*Work instructions*: How many lines in the records below contain the word "False"? Give only the number.

(Collected data entries)

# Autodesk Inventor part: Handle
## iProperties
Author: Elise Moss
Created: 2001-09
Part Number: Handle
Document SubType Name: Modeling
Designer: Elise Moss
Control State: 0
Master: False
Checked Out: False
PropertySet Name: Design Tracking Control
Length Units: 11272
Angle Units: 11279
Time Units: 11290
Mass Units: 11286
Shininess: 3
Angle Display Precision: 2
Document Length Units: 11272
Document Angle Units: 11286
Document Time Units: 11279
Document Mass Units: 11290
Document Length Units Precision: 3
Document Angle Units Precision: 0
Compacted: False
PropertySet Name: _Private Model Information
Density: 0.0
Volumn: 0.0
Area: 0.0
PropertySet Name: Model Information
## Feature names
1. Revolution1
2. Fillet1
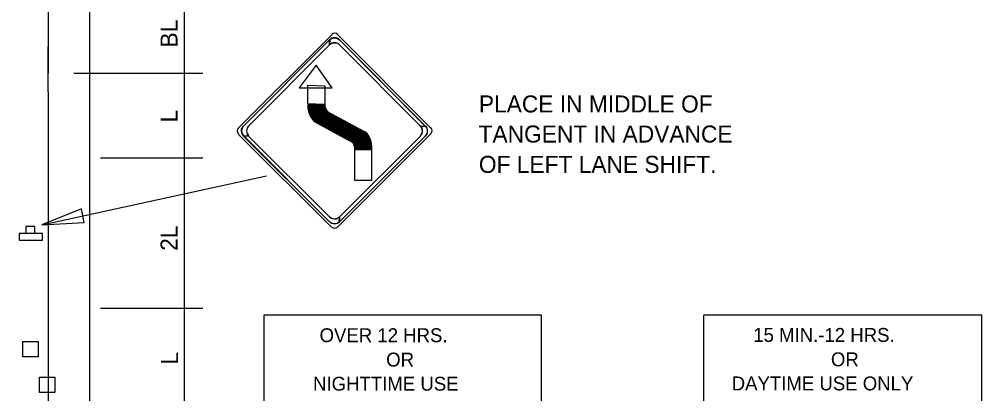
# Model space of a CAD drawing. Extents: x 15312.2 to 15319.5, y 15309 to 15319.2.
# Drawn here: x 15315.929 to 15319.325, y 15313.657 to 15314.978 of the extents above; entities that cross this region are included whole.
import ezdxf

# ---------------------------------------------------------------- set-up
doc = ezdxf.new("R2010")
doc.units = 0
for name, color, linetype in [('DETL-DIMS', 7, 'Continuous'), ('DETL-LINE', 7, 'Continuous'), ('DETL-NOTE', 7, 'Continuous'), ('USER-BORD', 7, 'Continuous')]:
    doc.layers.add(name, color=color, linetype=linetype)

# ---------------------------------------------------------------- blocks, each defined once
blk = doc.blocks.new('CD1')
at = {"layer": 'USER-BORD'}
blk.add_lwpolyline([(0, 0.031), (0.031, 0.031), (0.031, 0), (0, 0)], close=True, dxfattribs=at)
blk = doc.blocks.new('SIGN13')
at = {"layer": 'USER-BORD'}
for points in [[(-0.013, 0.018), (0.011, 0.019), (0.011, 0.037), (-0.013, 0.037)], [(-0.031, 0.018), (-0.031, 0), (0.032, 0), (0.032, 0.018)]]:
    blk.add_lwpolyline(points, close=True, dxfattribs=at)

msp = doc.modelspace()

# ---------------------------------------------------------------- linework, layer by layer
at = {"layer": 'DETL-DIMS'}
for p, q in [((15316.512, 15314.788), (15316.512, 15315.065)), ((15316.122, 15314.788), (15316.577, 15314.788)), ((15316.512, 15314.489), (15316.512, 15314.788)), ((15316.216, 15314.489), (15316.577, 15314.489)), ((15316.5124, 15313.9597), (15316.5124, 15314.4897)), ((15316.009, 15314.253), (15316.802, 15314.425)), ((15316.216, 15313.959), (15316.577, 15313.959)), ((15316.5124, 15313.6207), (15316.5124, 15313.9597))]:
    msp.add_line(p, q, dxfattribs=at)
msp.add_lwpolyline([(15316.159, 15314.261), (15316.149, 15314.309), (15316.009, 15314.253)], close=True, dxfattribs=at)
at = {"layer": 'DETL-LINE'}
for p, q in [((15316.031, 15318.785), (15316.031, 15314.788)), ((15316.177, 15318.785), (15316.177, 15310.694)), ((15317.032, 15314.923), (15316.702, 15314.594)), ((15316.721, 15314.601), (15317.024, 15314.905)), ((15317.382, 15314.594), (15317.053, 15314.923)), ((15317.059, 15314.905), (15317.362, 15314.601)), ((15316.031, 15314.722), (15316.031, 15314.881)), ((15317.024, 15314.887), (15316.738, 15314.601)), ((15317.345, 15314.601), (15317.059, 15314.887)), ((15316.031, 15314.722), (15316.031, 15310.694)), ((15316.948, 15314.66), (15316.967, 15314.678)), ((15316.948, 15314.661), (15316.966, 15314.678)), ((15316.948, 15314.662), (15316.964, 15314.678)), ((15316.948, 15314.664), (15316.962, 15314.678)), ((15316.948, 15314.665), (15316.961, 15314.678)), ((15316.948, 15314.666), (15316.96, 15314.678)), ((15316.948, 15314.668), (15316.958, 15314.678)), ((15316.948, 15314.669), (15316.957, 15314.678)), ((15316.948, 15314.67), (15316.955, 15314.678)), ((15316.948, 15314.672), (15316.954, 15314.678)), ((15316.948, 15314.674), (15316.953, 15314.678)), ((15316.948, 15314.675), (15316.951, 15314.678)), ((15316.948, 15314.677), (15316.949, 15314.678)), ((15316.948, 15314.678), (15317.007, 15314.677)), ((15316.949, 15314.655), (15316.972, 15314.678)), ((15316.949, 15314.656), (15316.972, 15314.678)), ((15316.949, 15314.657), (15316.97, 15314.678)), ((15316.949, 15314.658), (15316.968, 15314.678)), ((15316.95, 15314.651), (15316.977, 15314.678)), ((15316.95, 15314.652), (15316.976, 15314.678)), ((15316.95, 15314.654), (15316.974, 15314.678)), ((15316.951, 15314.649), (15316.98, 15314.678)), ((15316.951, 15314.65), (15316.978, 15314.678)), ((15316.952, 15314.647), (15316.983, 15314.678)), ((15316.952, 15314.648), (15316.981, 15314.678)), ((15316.953, 15314.642), (15316.99, 15314.678)), ((15316.953, 15314.642), (15316.989, 15314.678)), ((15316.953, 15314.643), (15316.987, 15314.678)), ((15316.953, 15314.645), (15316.986, 15314.678)), ((15316.953, 15314.646), (15316.984, 15314.678)), ((15316.954, 15314.641), (15316.991, 15314.678)), ((15316.955, 15314.638), (15316.995, 15314.678)), ((15316.955, 15314.639), (15316.993, 15314.678)), ((15316.956, 15314.637), (15316.997, 15314.678)), ((15316.956, 15314.637), (15316.995, 15314.678)), ((15316.957, 15314.634), (15317, 15314.678)), ((15316.957, 15314.636), (15316.999, 15314.678)), ((15316.958, 15314.632), (15317.005, 15314.678)), ((15316.958, 15314.633), (15317.003, 15314.678)), ((15316.958, 15314.633), (15317.001, 15314.678)), ((15316.959, 15314.631), (15317.006, 15314.678)), ((15316.96, 15314.63), (15317.007, 15314.678)), ((15316.96, 15314.629), (15317.007, 15314.676)), ((15316.961, 15314.628), (15317.008, 15314.675)), ((15316.962, 15314.628), (15317.008, 15314.673)), ((15316.962, 15314.627), (15317.008, 15314.672)), ((15316.962, 15314.626), (15317.008, 15314.67)), ((15316.963, 15314.625), (15317.008, 15314.67)), ((15316.964, 15314.624), (15317.009, 15314.668)), ((15316.965, 15314.623), (15317.009, 15314.667)), ((15316.965, 15314.623), (15317.009, 15314.666)), ((15316.966, 15314.622), (15317.009, 15314.665)), ((15316.967, 15314.621), (15317.009, 15314.664)), ((15316.967, 15314.62), (15317.01, 15314.663)), ((15316.968, 15314.619), (15317.01, 15314.661)), ((15316.969, 15314.619), (15317.011, 15314.661)), ((15316.97, 15314.618), (15317.011, 15314.66)), ((15316.97, 15314.617), (15317.012, 15314.659)), ((15316.971, 15314.616), (15317.013, 15314.658)), ((15316.972, 15314.615), (15317.014, 15314.656)), ((15316.972, 15314.616), (15317.013, 15314.656)), ((15316.974, 15314.614), (15317.014, 15314.655)), ((15316.975, 15314.614), (15317.014, 15314.654)), ((15316.976, 15314.614), (15317.015, 15314.653)), ((15316.976, 15314.613), (15317.016, 15314.652)), ((15316.977, 15314.613), (15317.017, 15314.652)), ((15316.978, 15314.612), (15317.018, 15314.651)), ((15316.979, 15314.612), (15317.019, 15314.651)), ((15316.981, 15314.611), (15317.019, 15314.651)), ((15316.981, 15314.61), (15317.02, 15314.65)), ((15316.982, 15314.61), (15317.022, 15314.649)), ((15316.983, 15314.609), (15317.023, 15314.649)), ((15316.984, 15314.609), (15317.023, 15314.648)), ((15316.985, 15314.609), (15317.024, 15314.648)), ((15316.986, 15314.608), (15317.025, 15314.647)), ((15316.987, 15314.608), (15317.026, 15314.647)), ((15316.988, 15314.607), (15317.028, 15314.647)), ((15316.989, 15314.606), (15317.028, 15314.646)), ((15316.99, 15314.606), (15317.029, 15314.646)), ((15316.991, 15314.605), (15317.03, 15314.645)), ((15316.991, 15314.605), (15317.031, 15314.644)), ((15316.993, 15314.604), (15317.032, 15314.644)), ((15316.994, 15314.604), (15317.033, 15314.643)), ((15316.995, 15314.603), (15317.035, 15314.642)), ((15316.995, 15314.604), (15317.034, 15314.642)), ((15316.996, 15314.602), (15317.036, 15314.642)), ((15316.997, 15314.602), (15317.037, 15314.642)), ((15316.998, 15314.601), (15317.038, 15314.641)), ((15317, 15314.6), (15317.04, 15314.64)), ((15317, 15314.601), (15317.038, 15314.64)), ((15317.001, 15314.6), (15317.041, 15314.639)), ((15317.002, 15314.6), (15317.042, 15314.639)), ((15317.003, 15314.599), (15317.042, 15314.638)), ((15317.004, 15314.599), (15317.043, 15314.637)), ((15317.005, 15314.598), (15317.044, 15314.637)), ((15317.006, 15314.597), (15317.045, 15314.637)), ((15317.007, 15314.597), (15317.047, 15314.636)), ((15317.008, 15314.596), (15317.047, 15314.636)), ((15317.009, 15314.595), (15317.049, 15314.635)), ((15317.009, 15314.595), (15317.048, 15314.635)), ((15317.01, 15314.595), (15317.05, 15314.634)), ((15317.012, 15314.595), (15317.051, 15314.633)), ((15317.013, 15314.594), (15317.052, 15314.633)), ((15317.014, 15314.593), (15317.054, 15314.633)), ((15317.014, 15314.593), (15317.053, 15314.633)), ((15317.015, 15314.592), (15317.055, 15314.632)), ((15317.016, 15314.652), (15317.149, 15314.581)), ((15317.016, 15314.592), (15317.056, 15314.631)), ((15317.017, 15314.591), (15317.056, 15314.631)), ((15317.019, 15314.59), (15317.057, 15314.63)), ((15317.019, 15314.59), (15317.059, 15314.629)), ((15317.02, 15314.59), (15317.06, 15314.629)), ((15316.972, 15314.616), (15317.104, 15314.544)), ((15317.021, 15314.589), (15317.061, 15314.628)), ((15317.022, 15314.589), (15317.061, 15314.628)), ((15317.023, 15314.588), (15317.062, 15314.628)), ((15317.023, 15314.588), (15317.063, 15314.627)), ((15317.025, 15314.587), (15317.064, 15314.627)), ((15317.026, 15314.586), (15317.066, 15314.626)), ((15317.027, 15314.586), (15317.066, 15314.626)), ((15317.028, 15314.586), (15317.067, 15314.625)), ((15317.028, 15314.585), (15317.068, 15314.624)), ((15317.029, 15314.585), (15317.069, 15314.624)), ((15317.031, 15314.584), (15317.07, 15314.623)), ((15317.032, 15314.584), (15317.071, 15314.623)), ((15317.033, 15314.583), (15317.072, 15314.623)), ((15317.033, 15314.582), (15317.073, 15314.622)), ((15317.034, 15314.582), (15317.074, 15314.622)), ((15317.035, 15314.581), (15317.075, 15314.621)), ((15317.036, 15314.581), (15317.075, 15314.62)), ((15317.038, 15314.581), (15317.076, 15314.62)), ((15317.038, 15314.58), (15317.078, 15314.619)), ((15317.039, 15314.58), (15317.079, 15314.619)), ((15317.04, 15314.579), (15317.08, 15314.619)), ((15317.041, 15314.578), (15317.08, 15314.618)), ((15317.042, 15314.578), (15317.081, 15314.618)), ((15317.042, 15314.577), (15317.082, 15314.617)), ((15317.044, 15314.577), (15317.084, 15314.616)), ((15317.045, 15314.576), (15317.085, 15314.616)), ((15317.046, 15314.576), (15317.085, 15314.615)), ((15317.047, 15314.576), (15317.086, 15314.615)), ((15317.047, 15314.575), (15317.087, 15314.614)), ((15317.048, 15314.574), (15317.088, 15314.614)), ((15317.05, 15314.574), (15317.089, 15314.614)), ((15317.051, 15314.573), (15317.09, 15314.613)), ((15317.052, 15314.573), (15317.091, 15314.613)), ((15317.052, 15314.572), (15317.092, 15314.612)), ((15317.053, 15314.572), (15317.093, 15314.611)), ((15317.054, 15314.572), (15317.094, 15314.611)), ((15317.055, 15314.571), (15317.094, 15314.61)), ((15317.056, 15314.571), (15317.096, 15314.609)), ((15317.057, 15314.57), (15317.097, 15314.609)), ((15317.058, 15314.569), (15317.098, 15314.609)), ((15317.059, 15314.569), (15317.099, 15314.609)), ((15317.06, 15314.568), (15317.099, 15314.608)), ((15317.061, 15314.567), (15317.1, 15314.607)), ((15317.061, 15314.567), (15317.101, 15314.607)), ((15317.063, 15314.567), (15317.103, 15314.606)), ((15317.064, 15314.567), (15317.103, 15314.606)), ((15317.065, 15314.566), (15317.104, 15314.605)), ((15317.066, 15314.565), (15317.105, 15314.604)), ((15317.066, 15314.565), (15317.106, 15314.604)), ((15317.067, 15314.564), (15317.107, 15314.604)), ((15317.069, 15314.563), (15317.108, 15314.603)), ((15317.07, 15314.563), (15317.109, 15314.603)), ((15317.07, 15314.562), (15317.11, 15314.602)), ((15317.071, 15314.562), (15317.111, 15314.602)), ((15317.072, 15314.562), (15317.112, 15314.601)), ((15317.073, 15314.561), (15317.113, 15314.6)), ((15317.074, 15314.561), (15317.113, 15314.6)), ((15317.075, 15314.56), (15317.115, 15314.6)), ((15317.076, 15314.56), (15317.116, 15314.6)), ((15317.077, 15314.559), (15317.117, 15314.599)), ((15317.078, 15314.558), (15317.117, 15314.598)), ((15317.079, 15314.558), (15317.118, 15314.598)), ((15317.08, 15314.557), (15317.119, 15314.597)), ((15317.08, 15314.557), (15317.121, 15314.596)), ((15317.082, 15314.557), (15317.122, 15314.596)), ((15317.083, 15314.556), (15317.122, 15314.595)), ((15317.084, 15314.556), (15317.123, 15314.595)), ((15317.085, 15314.555), (15317.124, 15314.595)), ((15316.702, 15314.573), (15317.031, 15314.244)), ((15317.024, 15314.263), (15316.721, 15314.566)), ((15316.738, 15314.566), (15317.024, 15314.281)), ((15317.052, 15314.244), (15317.382, 15314.574)), ((15317.362, 15314.566), (15317.059, 15314.263)), ((15317.059, 15314.281), (15317.345, 15314.566)), ((15317.085, 15314.554), (15317.125, 15314.594)), ((15317.086, 15314.554), (15317.126, 15314.594)), ((15317.087, 15314.553), (15317.127, 15314.593)), ((15317.089, 15314.553), (15317.128, 15314.593)), ((15317.089, 15314.553), (15317.129, 15314.592)), ((15317.09, 15314.552), (15317.13, 15314.591)), ((15317.091, 15314.552), (15317.131, 15314.591)), ((15317.092, 15314.551), (15317.131, 15314.59)), ((15317.093, 15314.55), (15317.132, 15314.59)), ((15317.094, 15314.55), (15317.134, 15314.59)), ((15317.095, 15314.549), (15317.135, 15314.589)), ((15317.096, 15314.549), (15317.136, 15314.589)), ((15317.097, 15314.548), (15317.136, 15314.588)), ((15317.098, 15314.548), (15317.137, 15314.587)), ((15317.099, 15314.548), (15317.138, 15314.587)), ((15317.099, 15314.547), (15317.14, 15314.586)), ((15317.101, 15314.546), (15317.141, 15314.586)), ((15317.102, 15314.546), (15317.141, 15314.586)), ((15317.103, 15314.545), (15317.142, 15314.585)), ((15317.103, 15314.545), (15317.143, 15314.585)), ((15317.104, 15314.544), (15317.144, 15314.584)), ((15317.105, 15314.543), (15317.145, 15314.584)), ((15317.106, 15314.543), (15317.146, 15314.583)), ((15317.107, 15314.542), (15317.147, 15314.582)), ((15317.107, 15314.541), (15317.148, 15314.582)), ((15317.108, 15314.54), (15317.149, 15314.581)), ((15317.108, 15314.539), (15317.15, 15314.581)), ((15317.108, 15314.539), (15317.15, 15314.58)), ((15317.109, 15314.538), (15317.151, 15314.58)), ((15317.11, 15314.537), (15317.152, 15314.579)), ((15317.11, 15314.535), (15317.153, 15314.578)), ((15317.111, 15314.534), (15317.153, 15314.577)), ((15317.111, 15314.534), (15317.154, 15314.576)), ((15317.112, 15314.533), (15317.155, 15314.576)), ((15317.112, 15314.531), (15317.155, 15314.575)), ((15317.113, 15314.53), (15317.156, 15314.574)), ((15317.113, 15314.529), (15317.156, 15314.573)), ((15317.113, 15314.528), (15317.157, 15314.572)), ((15317.113, 15314.527), (15317.158, 15314.572)), ((15317.113, 15314.525), (15317.159, 15314.571)), ((15317.113, 15314.524), (15317.159, 15314.57)), ((15317.113, 15314.523), (15317.16, 15314.569)), ((15317.113, 15314.521), (15317.16, 15314.568)), ((15317.113, 15314.52), (15317.161, 15314.567)), ((15317.114, 15314.519), (15317.161, 15314.567)), ((15317.116, 15314.519), (15317.162, 15314.566)), ((15317.117, 15314.519), (15317.163, 15314.564)), ((15317.118, 15314.519), (15317.163, 15314.563)), ((15317.12, 15314.519), (15317.164, 15314.562)), ((15317.122, 15314.519), (15317.164, 15314.562)), ((15317.122, 15314.519), (15317.164, 15314.561)), ((15317.124, 15314.519), (15317.165, 15314.56)), ((15317.126, 15314.519), (15317.165, 15314.558)), ((15317.127, 15314.519), (15317.166, 15314.557)), ((15317.128, 15314.519), (15317.166, 15314.557)), ((15317.13, 15314.519), (15317.167, 15314.556)), ((15317.131, 15314.519), (15317.167, 15314.555)), ((15317.133, 15314.519), (15317.168, 15314.553)), ((15317.135, 15314.519), (15317.168, 15314.553)), ((15317.136, 15314.519), (15317.169, 15314.552)), ((15317.137, 15314.519), (15317.169, 15314.55)), ((15317.139, 15314.519), (15317.169, 15314.549)), ((15317.141, 15314.519), (15317.169, 15314.548)), ((15317.141, 15314.519), (15317.17, 15314.547)), ((15317.143, 15314.519), (15317.17, 15314.546)), ((15317.145, 15314.519), (15317.17, 15314.544)), ((15317.146, 15314.519), (15317.171, 15314.543)), ((15317.148, 15314.519), (15317.171, 15314.543)), ((15317.149, 15314.519), (15317.171, 15314.541)), ((15317.15, 15314.519), (15317.171, 15314.54)), ((15317.152, 15314.519), (15317.172, 15314.539)), ((15317.154, 15314.519), (15317.172, 15314.538)), ((15317.155, 15314.519), (15317.172, 15314.536)), ((15317.156, 15314.519), (15317.172, 15314.534)), ((15317.158, 15314.519), (15317.173, 15314.534)), ((15317.16, 15314.519), (15317.173, 15314.532)), ((15317.161, 15314.519), (15317.173, 15314.531)), ((15317.162, 15314.519), (15317.173, 15314.529)), ((15317.164, 15314.519), (15317.173, 15314.528)), ((15317.113, 15314.519), (15317.172, 15314.519)), ((15317.165, 15314.519), (15317.173, 15314.526)), ((15317.167, 15314.519), (15317.173, 15314.525)), ((15317.168, 15314.519), (15317.173, 15314.524)), ((15317.169, 15314.519), (15317.173, 15314.522)), ((15317.171, 15314.519), (15317.173, 15314.52)), ((15316.7919, 15313.9348), (15316.7919, 15310.4706)), ((15317.772, 15313.9348), (15316.792, 15313.9348)), ((15317.7719, 15310.4706), (15317.7719, 15313.9348)), ((15318.3451, 15311.2117), (15318.3451, 15313.9348)), ((15319.3251, 15313.9348), (15318.3452, 15313.9348)), ((15319.3251, 15311.2117), (15319.3251, 15313.9348))]:
    msp.add_line(p, q, dxfattribs=at)
for points in [[(15316.721, 15314.601), (15317.015, 15314.896), (15317.025, 15314.906), (15317.024, 15314.887), (15316.738, 15314.601), (15316.734, 15314.595), (15316.731, 15314.586), (15316.732, 15314.578), (15316.734, 15314.572), (15316.738, 15314.566), (15316.721, 15314.566), (15316.716, 15314.574), (15316.714, 15314.583), (15316.714, 15314.59), (15316.717, 15314.596)], [(15317.059, 15314.905), (15317.353, 15314.61), (15317.363, 15314.6), (15317.345, 15314.601), (15317.059, 15314.887), (15317.053, 15314.892), (15317.044, 15314.894), (15317.035, 15314.894), (15317.03, 15314.891), (15317.024, 15314.887), (15317.024, 15314.905), (15317.031, 15314.91), (15317.041, 15314.912), (15317.048, 15314.911), (15317.053, 15314.909)], [(15316.977, 15314.816), (15316.917, 15314.736), (15317.034, 15314.736)], [(15316.948, 15314.745), (15317.007, 15314.743), (15317.007, 15314.677), (15316.948, 15314.68)], [(15317.362, 15314.566), (15317.068, 15314.272), (15317.058, 15314.262), (15317.059, 15314.281), (15317.345, 15314.566), (15317.349, 15314.573), (15317.352, 15314.582), (15317.351, 15314.59), (15317.349, 15314.596), (15317.345, 15314.601), (15317.362, 15314.601), (15317.367, 15314.594), (15317.369, 15314.585), (15317.369, 15314.578), (15317.367, 15314.572)], [(15317.024, 15314.263), (15316.73, 15314.558), (15316.72, 15314.568), (15316.738, 15314.566), (15317.024, 15314.281), (15317.03, 15314.276), (15317.039, 15314.274), (15317.048, 15314.274), (15317.054, 15314.277), (15317.059, 15314.281), (15317.059, 15314.263), (15317.052, 15314.258), (15317.042, 15314.256), (15317.036, 15314.257), (15317.03, 15314.259)], [(15317.113, 15314.409), (15317.113, 15314.524), (15317.172, 15314.524), (15317.172, 15314.409)]]:
    msp.add_lwpolyline(points, close=True, dxfattribs=at)
for centre, radius, start, end in [((15317.0421, 15314.8879), 0.0247, 45, 135), ((15317.0428, 15314.914), 0.0144, 45, 135), ((15317.042, 15314.8704), 0.0247, 45, 135), ((15317.0233, 15314.6709), 0.0751, 174.1008, 226.4986), ((15317.0434, 15314.6765), 0.0357, 177.4135, 221.9096), ((15316.7388, 15314.5846), 0.0247, 135, 225), ((15316.7563, 15314.5847), 0.0247, 135, 225), ((15317.3278, 15314.5846), 0.0247, 315, 45), ((15317.3453, 15314.5846), 0.0247, 315, 45), ((15317.3718, 15314.585), 0.0144, 315, 45), ((15316.713, 15314.5842), 0.0144, 135, 225), ((15317.0977, 15314.5274), 0.0751, 354.1008, 46.4986), ((15317.078, 15314.521), 0.0357, 357.4135, 41.9096), ((15317.042, 15314.2989), 0.0247, 225, 315), ((15317.0421, 15314.2814), 0.0247, 225, 315), ((15317.042, 15314.2552), 0.0144, 225, 315)]:
    msp.add_arc(centre, radius, start, end, dxfattribs=at)

# ---------------------------------------------------------------- block references
for name, p, xscale, yscale in [('SIGN13', (15315.97, 15314.199), 1.3077925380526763, 1.3077925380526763), ('CD1', (15315.942, 15313.787), 1.743723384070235, 1.743723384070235), ('CD1', (15316.001, 15313.662), 1.743723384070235, 1.743723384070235)]:
    msp.add_blockref(name, p, dxfattribs=dict(at, xscale=xscale, yscale=yscale))

# ---------------------------------------------------------------- texts
for s, height, p in [('OVER 12 HRS.', 0.049002, (15316.989, 15313.839)), ('15 MIN.-12 HRS.', 0.049002, (15318.519, 15313.84)), ('OR', 0.049, (15317.224, 15313.753)), ('OR', 0.049, (15318.793, 15313.754)), ('NIGHTTIME USE', 0.049002, (15316.966, 15313.668)), ('DAYTIME USE ONLY', 0.049002, (15318.443, 15313.669))]:
    msp.add_text(s, height=height, dxfattribs=at).set_placement(p)
at = {"layer": 'DETL-NOTE'}
for s, p in [('BL', (15316.488, 15314.878)), ('L', (15316.488, 15314.614)), ('2L', (15316.488, 15314.161)), ('L', (15316.49, 15313.76))]:
    msp.add_text(s, height=0.06, rotation=90, dxfattribs=at).set_placement(p)
for s, p in [('PLACE IN MIDDLE OF', (15317.551, 15314.649)), ('TANGENT IN ADVANCE', (15317.55, 15314.543)), ('OF LEFT LANE SHIFT.', (15317.551, 15314.436))]:
    msp.add_text(s, height=0.06, dxfattribs=at).set_placement(p)

doc.saveas('drawing.dxf')

*Exercise result*: 3